An exact copy of all the data is needed, with every picture left out.
+++ DATA EXTRACTS +++
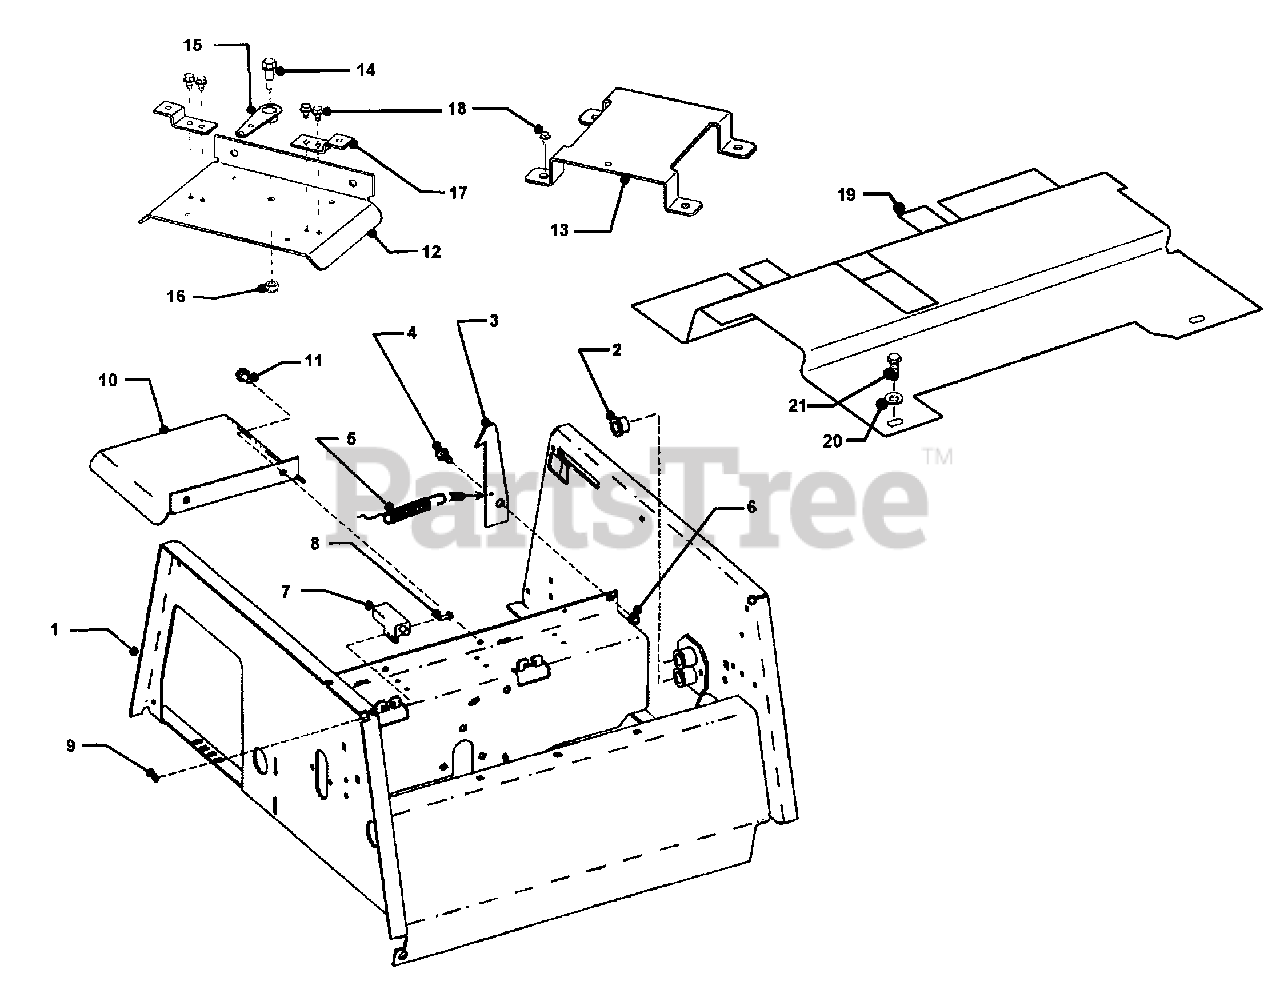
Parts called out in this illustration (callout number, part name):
1	UPPER CHASSIS
2	BUSHING, 5/8"
3	LATCH, Seat Support
4	BOLT, 5/16-18 Shoulder
5	SPRING
6	NUT, 5/16-18 HEX NYLON LOCK
7	SWITCH, DPDT
8	SCREW, #10-32 x 5/8" Gr. 5
9	NUT, #10-32 Hex Nyloc
10	GUARD, Driveshaft
11	SCREW, 5/16-18 x 5/8" Hex
12	GUARD, Driveshaft
13	COVER, Cable
14	BOLT, 5/16-18 Shoulder
15	LEVER, Cable Control
16	NUT, 5/16-18 HEX NYLON LOCK
17	BRACKET, Cable Anchor
18	SCREW, 1/4-20 x 3/8" Self-Tap
19	SHIELD, Drive
20	WASHER, 1/4 Flat
21	SCREW, 1/4-20 x 5/8" Self-Tap
+++
ANSWER TO THE PROBLEM
Parts called out in this illustration (callout number, part name):
1	UPPER CHASSIS
2	BUSHING, 5/8"
3	LATCH, Seat Support
4	BOLT, 5/16-18 Shoulder
5	SPRING
6	NUT, 5/16-18 HEX NYLON LOCK
7	SWITCH, DPDT
8	SCREW, #10-32 x 5/8" Gr. 5
9	NUT, #10-32 Hex Nyloc
10	GUARD, Driveshaft
11	SCREW, 5/16-18 x 5/8" Hex
12	GUARD, Driveshaft
13	COVER, Cable
14	BOLT, 5/16-18 Shoulder
15	LEVER, Cable Control
16	NUT, 5/16-18 HEX NYLON LOCK
17	BRACKET, Cable Anchor
18	SCREW, 1/4-20 x 3/8" Self-Tap
19	SHIELD, Drive
20	WASHER, 1/4 Flat
21	SCREW, 1/4-20 x 5/8" Self-Tap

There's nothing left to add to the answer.